We and our economy suffered not because of oversight and regulation but due to the LACK of it. Now, which Democrat do you think will be able to make that argument? And who will instead agree and fall into the Republican framing because they lack the guts or the will to argue for the oversight and yes, prosecution necessary to restore us to a nation of Laws and not just some Social Darwinist enclave where the 1% prey on the rest of us?
Last point of what should be the Democrats answer to wealth inequality - taxation of the wealthiest at rates that make sense and have worked in the past. Again, do the Democrats have the guts and the will to make what should be an easy argument or will they immediately cede the entire playing field to the anti-tax Republicans? Who do they represent really? The working and middle classes they are trying so hard to market themselves to without alienating their wealthy donors?
In fact, in the course of writing this diary, I have come to wonder at one of Torry's premises - he has outlined what should be the Democrats explanation of wealth inequality, but what evidence do we have that it will actually play a part in any Democratic campaigns of the future?

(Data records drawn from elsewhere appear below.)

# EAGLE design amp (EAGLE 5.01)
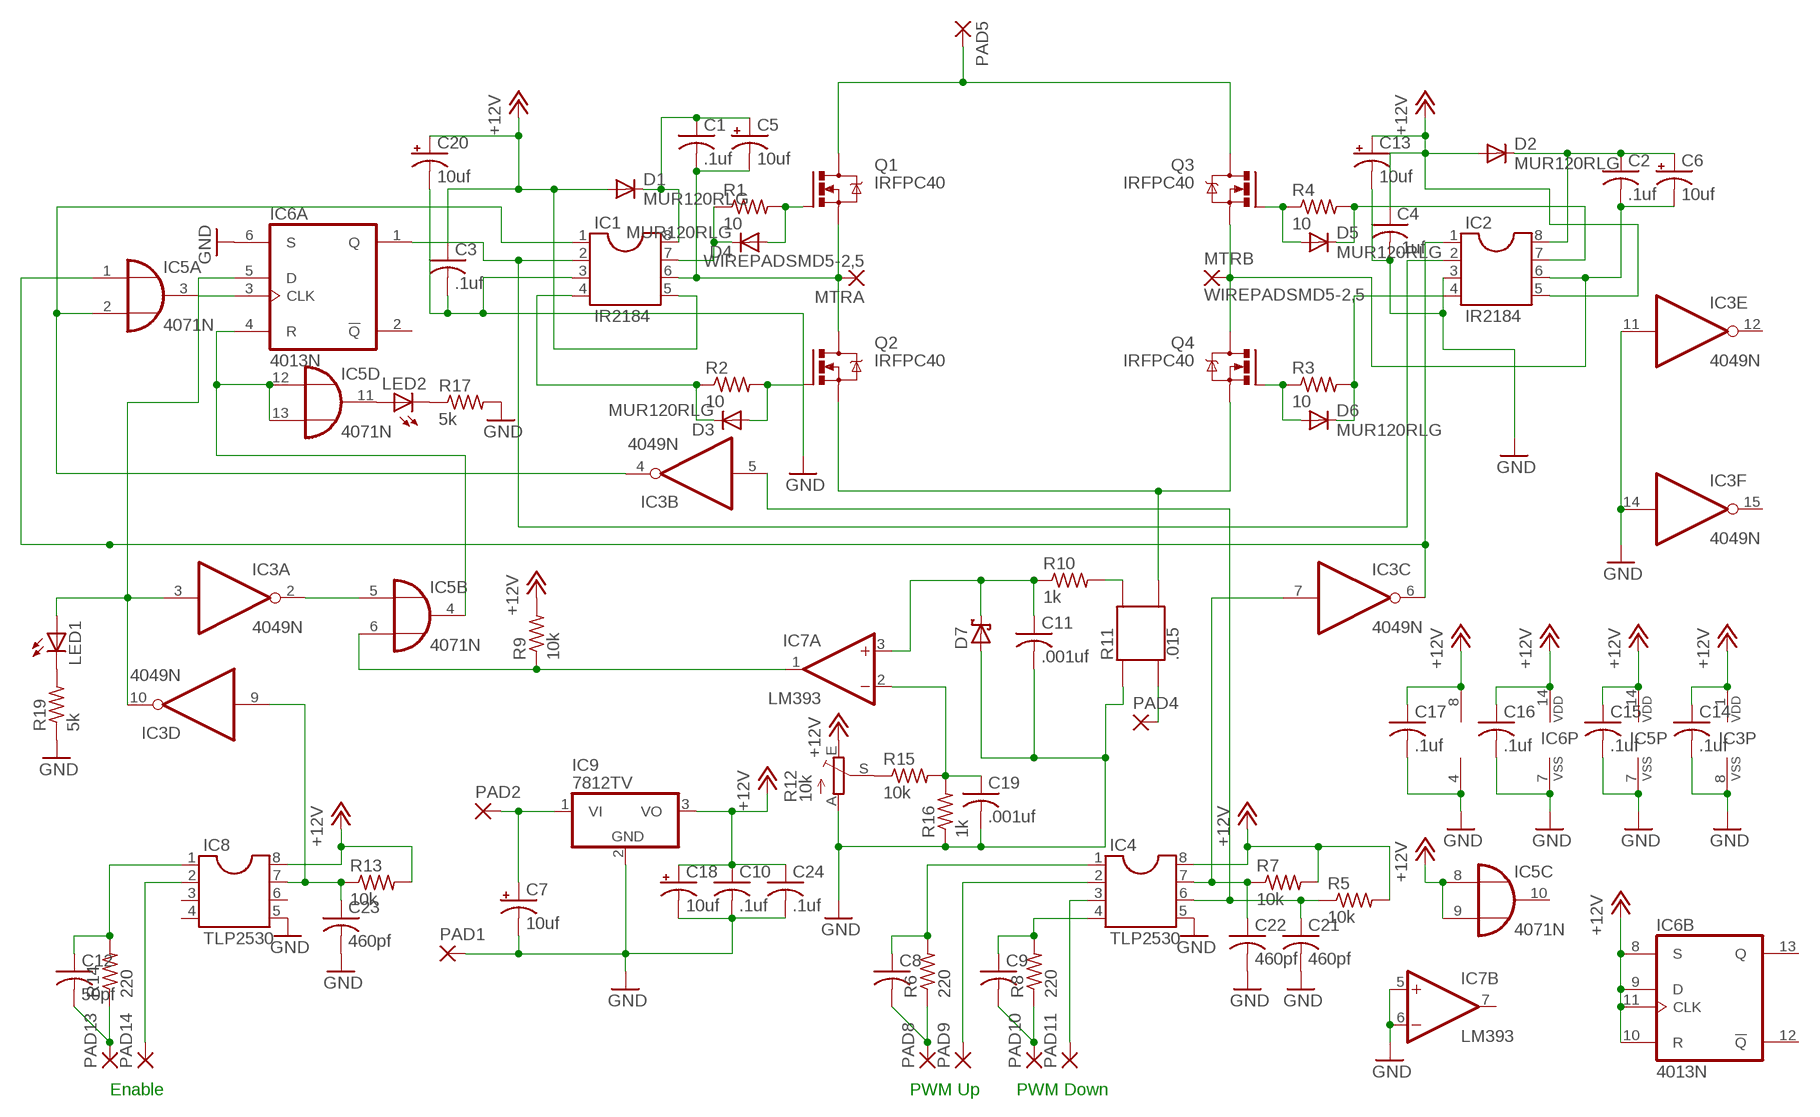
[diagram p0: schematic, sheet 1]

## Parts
C1  .1uf  C-US050-024X044  [C050-024X044]
C2  .1uf  C-US050-024X044  [C050-024X044]
C3  .1uf  C-US050-024X044  [C050-024X044]
C4  .1uf  C-US050-024X044  [C050-024X044]
C5  10uf  CPOL-USE2.5-5  [E2,5-5]
C6  10uf  CPOL-USE2.5-5  [E2,5-5]
C7  10uf  CPOL-USE2.5-5  [E2,5-5]
C8  C-US050-024X044  [C050-024X044]
C9  C-US050-024X044  [C050-024X044]
C10  .1uf  C-US050-024X044  [C050-024X044]
C11  .001uf  C-US050-024X044  [C050-024X044]
C12  50pf  C-US050-024X044  [C050-024X044]
C13  10uf  CPOL-USE2.5-5  [E2,5-5]
C14  .1uf  C-US050-024X044  [C050-024X044]
C15  .1uf  C-US050-024X044  [C050-024X044]
C16  .1uf  C-US050-024X044  [C050-024X044]
C17  .1uf  C-US050-024X044  [C050-024X044]
C18  10uf  CPOL-USE2.5-5  [E2,5-5]
C19  .001uf  C-US050-024X044  [C050-024X044]
C20  10uf  CPOL-USE2.5-5  [E2,5-5]
C21  460pf  C-US050-024X044  [C050-024X044]
C22  460pf  C-US050-024X044  [C050-024X044]
C23  460pf  C-US050-024X044  [C050-024X044]
C24  .1uf  C-US050-024X044  [C050-024X044]
D1  MUR120RLG  1N4933  [DO41-10]
D2  MUR120RLG  1N4933  [DO41-10]
D3  MUR120RLG  1N4933  [DO41-10]
D4  MUR120RLG  1N4933  [DO41-10]
D5  MUR120RLG  1N4933  [DO41-10]
D6  MUR120RLG  1N4933  [DO41-10]
D7  SCHOTTKY-DIODEDO35-7  [DO35-7]
IC1  IR2184  DIL8  [DIL08]
IC2  IR2184  DIL8  [DIL08]
IC3  4049N  [DIL16]
IC4  TLP2530  DIL8  [DIL08]
IC5  4071N  [DIL14]
IC6  4013N  [DIL14]
IC7  LM393  TL082P  [DIL08]
IC8  TLP2530  DIL8  [DIL08]
IC9  7812TV  [TO220V]
LED1  LED3MM  [LED3MM]
LED2  LED3MM  [LED3MM]
MTRA  WIREPADSMD5-2,5  [5-2,5]
MTRB  WIREPADSMD5-2,5  [5-2,5]
PAD1  WIREPAD2,54/1,0  [2,54/1,0]
PAD2  WIREPAD2,54/1,0  [2,54/1,0]
PAD4  WIREPAD4,16O1,6  [4,16O1,6]
PAD5  WIREPAD4,16O1,6  [4,16O1,6]
PAD8  WIREPAD2,54/1,0  [2,54/1,0]
PAD9  WIREPAD2,54/1,0  [2,54/1,0]
PAD10  WIREPAD2,54/1,0  [2,54/1,0]
PAD11  WIREPAD2,54/1,0  [2,54/1,0]
PAD13  WIREPAD2,54/1,0  [2,54/1,0]
PAD14  WIREPAD2,54/1,0  [2,54/1,0]
Q1  IRFPC40  [TO247BV]
Q2  IRFPC40  [TO247BV]
Q3  IRFPC40  [TO247BV]
Q4  IRFPC40  [TO247BV]
R1  10  R-US_0207/10  [0207/10]
R2  10  R-US_0207/10  [0207/10]
R3  10  R-US_0207/10  [0207/10]
R4  10  R-US_0207/10  [0207/10]
R5  10k  R-US_0207/10  [0207/10]
R6  220  R-US_0207/10  [0207/10]
R7  10k  R-US_0207/10  [0207/10]
R8  220  R-US_0207/10  [0207/10]
R9  10k  R-US_0207/10  [0207/10]
R10  1k  R-US_0207/10  [0207/10]
R11  .015  4LEG  [OHMLITE7W]
R12  10k  TRIM_EU-B64W  [B64W]
R13  10k  R-US_0207/10  [0207/10]
R14  220  R-US_0207/10  [0207/10]
R15  10k  R-US_0207/10  [0207/10]
R16  1k  R-US_0207/10  [0207/10]
R17  5k  R-US_0207/10  [0207/10]
R19  5k  R-US_0207/10  [0207/10]

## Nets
+12V: C3.1 C4.1 C10.1 C13.+ C14.1 C15.1 C16.1 C17.1 C18.+ C20.+ C24.1 D1.A D2.A IC1.5 IC2.5 IC3.1(P:VDD) IC4.8 IC5.8(C:I0) IC5.9(C:I1) IC5.14(P:VDD) IC6.8(B:S) IC6.9(B:D) IC6.10(B:R) IC6.11(B:CLK) IC6.14(P:VDD) IC7.8(P:V+) IC8.8 IC9.3(VO) R5.2 R7.2 R9.2 R12.E R13.2
GND: C3.2 C4.2 C7.- C10.2 C11.2 C13.- C14.2 C15.2 C16.2 C17.2 C18.- C19.2 C20.- C21.2 C22.2 C23.2 C24.2 D7.A IC1.3 IC2.3 IC3.8(P:VSS) IC3.11(E:I) IC3.14(F:I) IC4.5 IC5.7(P:VSS) IC6.6(A:S) IC6.7(P:VSS) IC7.4(P:V-) IC7.5(B:+IN) IC7.6(B:-IN) IC8.5 IC9.2(GND) PAD1.1(P) R11.2 R12.A R16.1 R17.2 R19.1
MTRA: C1.2 C5.- IC1.6 MTRA.1(P) Q1.S Q2.D
MTRB: C2.2 C6.- IC2.6 MTRB.1(P) Q3.S Q4.D
MTRPWR: PAD5.1(P) Q1.D Q3.D
N$1: IC4.3 PAD11.1(P)
N$2: IC4.2 PAD9.1(P)
N$3: C1.1 C5.+ D1.C IC1.8
N$4: C9.2 PAD10.1(P) R8.1
N$5: D4.A Q1.G R1.2
N$6: D3.A Q2.G R2.2
N$7: D6.A Q4.G R3.1
N$8: D5.A Q3.G R4.1
N$9: C23.1 IC3.9(D:I) IC8.7 R13.1
N$10: D4.C IC1.7 R1.1
N$11: D3.C IC1.4 R2.1
N$12: D6.C IC2.4 R3.2
N$14: IC2.1 IC3.6(C:O) IC5.1(A:I0)
N$15: C2.1 C6.+ D2.C IC2.8
N$16: C8.2 PAD8.1(P) R6.1
N$17: C7.+ IC9.1(VI) PAD2.1(P)
N$18: C22.1 IC3.7(C:I) IC4.7 R7.1
N$19: C21.1 IC3.5(B:I) IC4.6 R5.1
N$20: Q2.S Q4.S R11.3
N$21: C8.1 IC4.1 R6.2
N$22: C9.1 IC4.4 R8.2
N$23: IC1.2 IC2.2 IC6.1(A:Q)
N$24: IC5.3(A:O) IC6.3(A:CLK)
N$25: IC1.1 IC3.4(B:O) IC5.2(A:I1)
N$26: D5.C IC2.7 R4.2
N$27: IC5.6(B:I1) IC7.1(A:OUT) R9.1
N$28: R10.2 R11.1
N$29: IC5.11(D:O) LED2.A
N$30: IC3.3(A:I) IC3.10(D:O) IC6.5(A:D) LED1.A
N$31: IC3.2(A:O) IC5.5(B:I0)
N$32: IC8.2 PAD14.1(P)
N$33: R12.S R15.1
N$34: C12.2 PAD13.1(P) R14.1
N$35: C12.1 IC8.1 R14.2
N$36: C19.1 IC7.2(A:-IN) R15.2 R16.2
N$37: PAD4.1(P) R11.4
N$38: LED2.K(C) R17.1
N$39: C11.1 D7.C IC7.3(A:+IN) R10.1
N$40: IC5.4(B:O) IC5.12(D:I0) IC5.13(D:I1) IC6.4(A:R)
N$41: LED1.K(C) R19.2
Unconnected: IC3.12(E:O) IC3.15(F:O) IC5.10(C:O) IC6.2(A:!Q) IC6.12(B:!Q) IC6.13(B:Q) IC7.7(B:OUT) IC8.3 IC8.4 IC8.6

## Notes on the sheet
- Enable | PWM Up | PWM Down

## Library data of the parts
C1-C4 C8-C12 C14-C17 C19 C21-C24 = rcl:C-US: CAPACITOR, American symbol
C5-C7 C13 C18 C20 = rcl:CPOL-US: POLARIZED CAPACITOR, American symbol
D1-D6 = diode:1N4933: DIODE
D7 = diode:SCHOTTKY-DIODE: Schottky Diode
IC1 IC2 IC4 IC8 = ic-package:DIL8: Dual In Line / Socket
IC3 = 40xx:4049: Hex inverting BUFFER
IC5 = 40xx:4071: Quad 2-input OR
IC6 = 40xx:4013: Dual D FLIP FLOP, set/reset
IC7 = linear:TL082: OP AMP
IC9 = linear:78*: Positive VOLTAGE REGULATOR Source: http://cache.national.com/ds/LM/LM78L05.pdf http://www.fairchildsemi.com/ds/LM/LM7805.pdf
LED1 LED2 = led:LED: LED
MTRA MTRB PAD1 PAD2 PAD4 PAD5 PAD8-PAD11 PAD13 PAD14 = wirepad:WIREPAD: Wire PAD connect wire on PCB
Q1-Q4 = transistor-power:IRFPC40: N-CHANNEL MOS FET
R1 R17 = resistor:R-US_: RESISTOR, American symbol
R2-R10 R13-R16 R19 = rcl:R-US_: RESISTOR, American symbol
R11 = resistor-power:4LEG: ohmlite current sense resistor 10 series
R12 = pot:TRIM_EU-: POTENTIOMETER

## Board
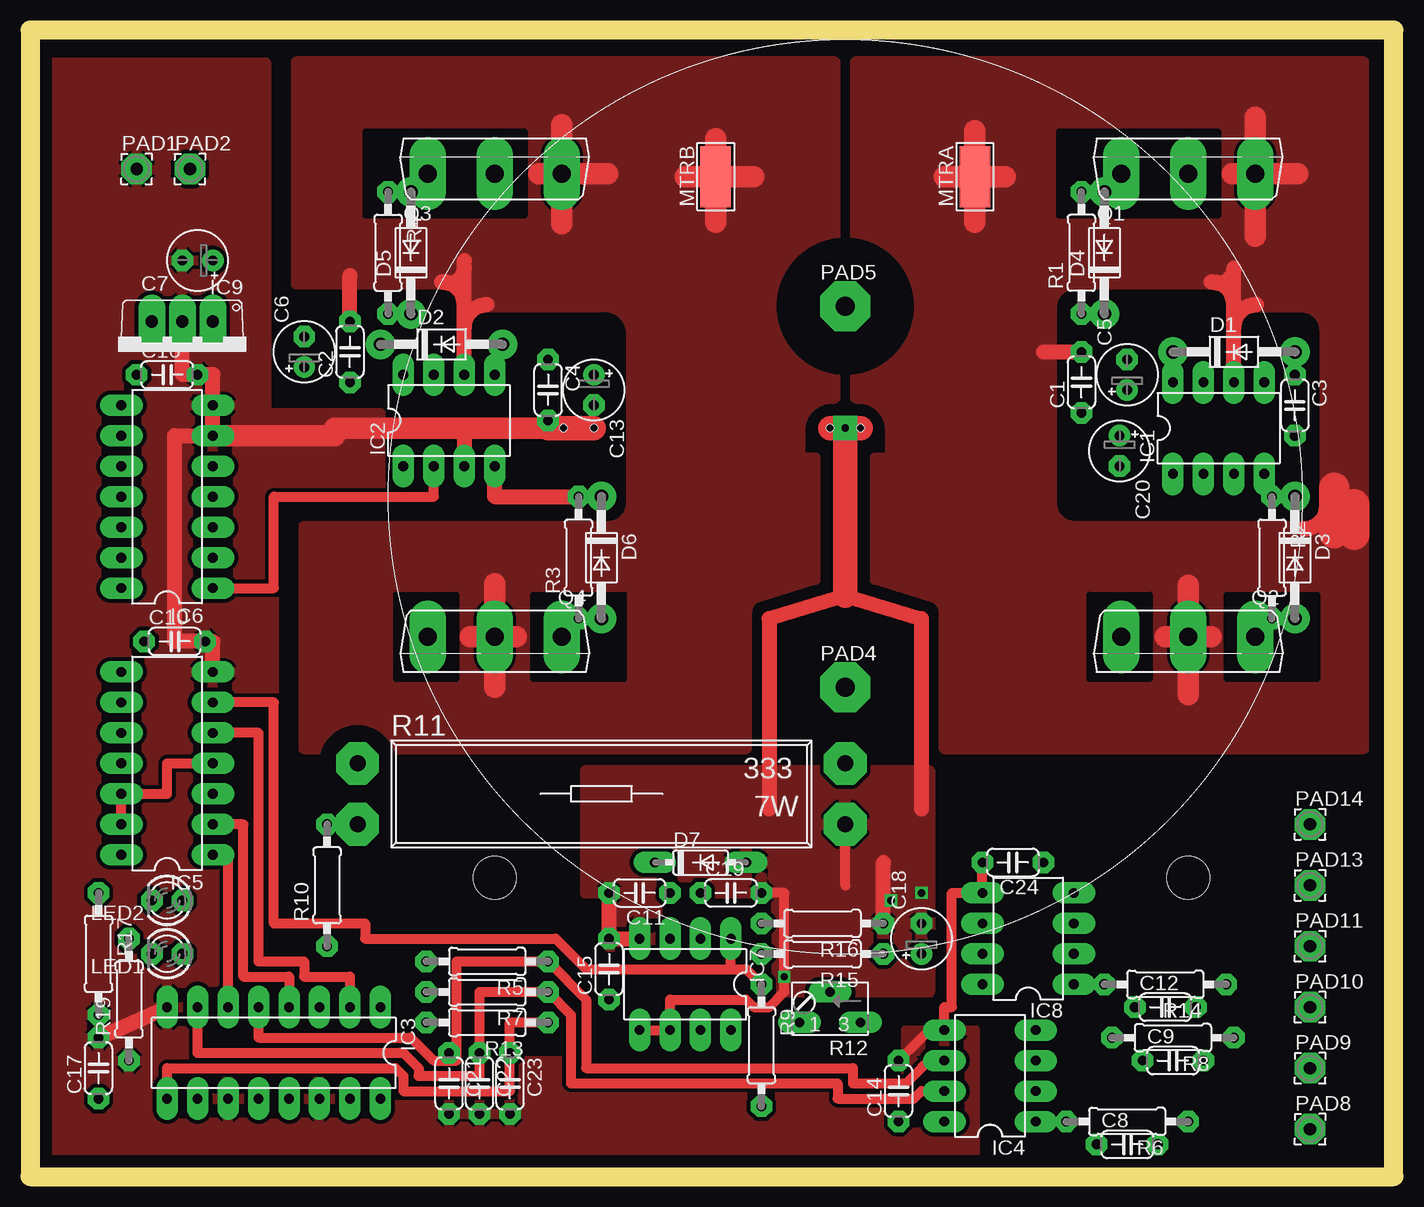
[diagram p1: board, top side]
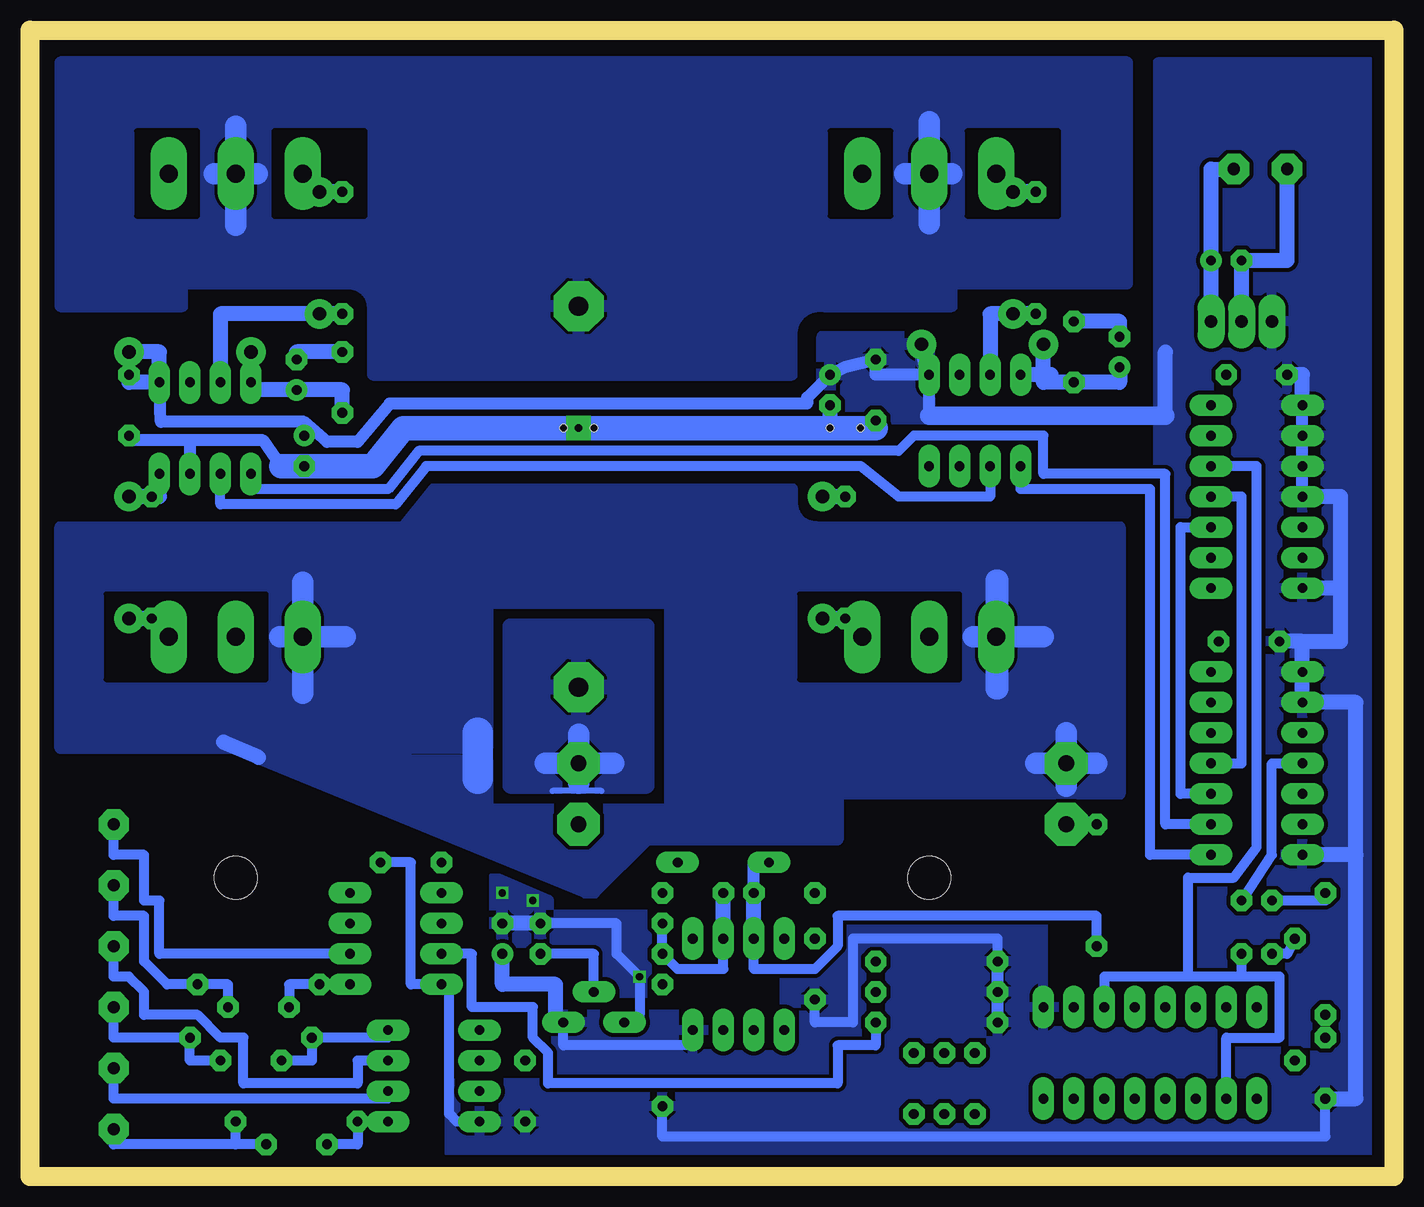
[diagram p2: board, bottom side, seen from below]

Size 113.65 x 95.56 mm. Coordinates in mm from the lower left corner, seen from the top.
Outline: 0,0 113.65,0 113.65,95.56 0,95.56 0,0
Copper layers (1*16): Top 0.035mm / dielectric 1.5mm / Bottom 0.035mm
Design rules "default *": minimum track width 10mil, minimum drill 24mil, track to track 13mil, track to pad 13mil, pad to pad 13mil, via to via 13mil, smd to smd 13mil, copper to edge 40mil, drill to drill 8mil, minimum pad ring 10mil, minimum via ring 8mil, stop-mask expansion 4mil, vias tented up to drill 0mil, thermal gap 10mil
Holes 3.56 mm at 38.73,24.92 96.51,24.92
Holes 0.6 mm at 44.44,62.38 46.98,62.38 69.21,62.38 66.67,62.38
tRestrict: area 66,70.6 to 69.8,74.4; area 30.5,41.4 to 35.6,48.5; area 94,80 to 99.1,87.1; area 88.3,41.4 to 93.3,48.5; area 41.9,41.4 to 49.5,48.5; area 27.9,80 to 35.6,87.1; area 85.7,80 to 93.3,87.1; area 99.7,41.4 to 107.3,48.5; area 25.4,32.5 to 29.2,36.3; area 36.2,80 to 41.3,87.1
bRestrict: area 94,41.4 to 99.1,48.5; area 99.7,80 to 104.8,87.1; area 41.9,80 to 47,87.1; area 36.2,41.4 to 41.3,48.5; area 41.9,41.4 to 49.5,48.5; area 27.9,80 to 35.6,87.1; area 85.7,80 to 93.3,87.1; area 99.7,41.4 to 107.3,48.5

Finally, Torry defined both Republicans and Democrats as having the same primary answer to the answer to wealth inequality being based on providing more education and training. While I agree that improved access to education at all levels, from early childhood through to university and vocational training is a good thing for society in general, I don't see it as the panacea that many do to solving our issues of unemployment and underemployment. Just ask all the highly trained unemployed people out there if more training will help them to obtain non-existant jobs.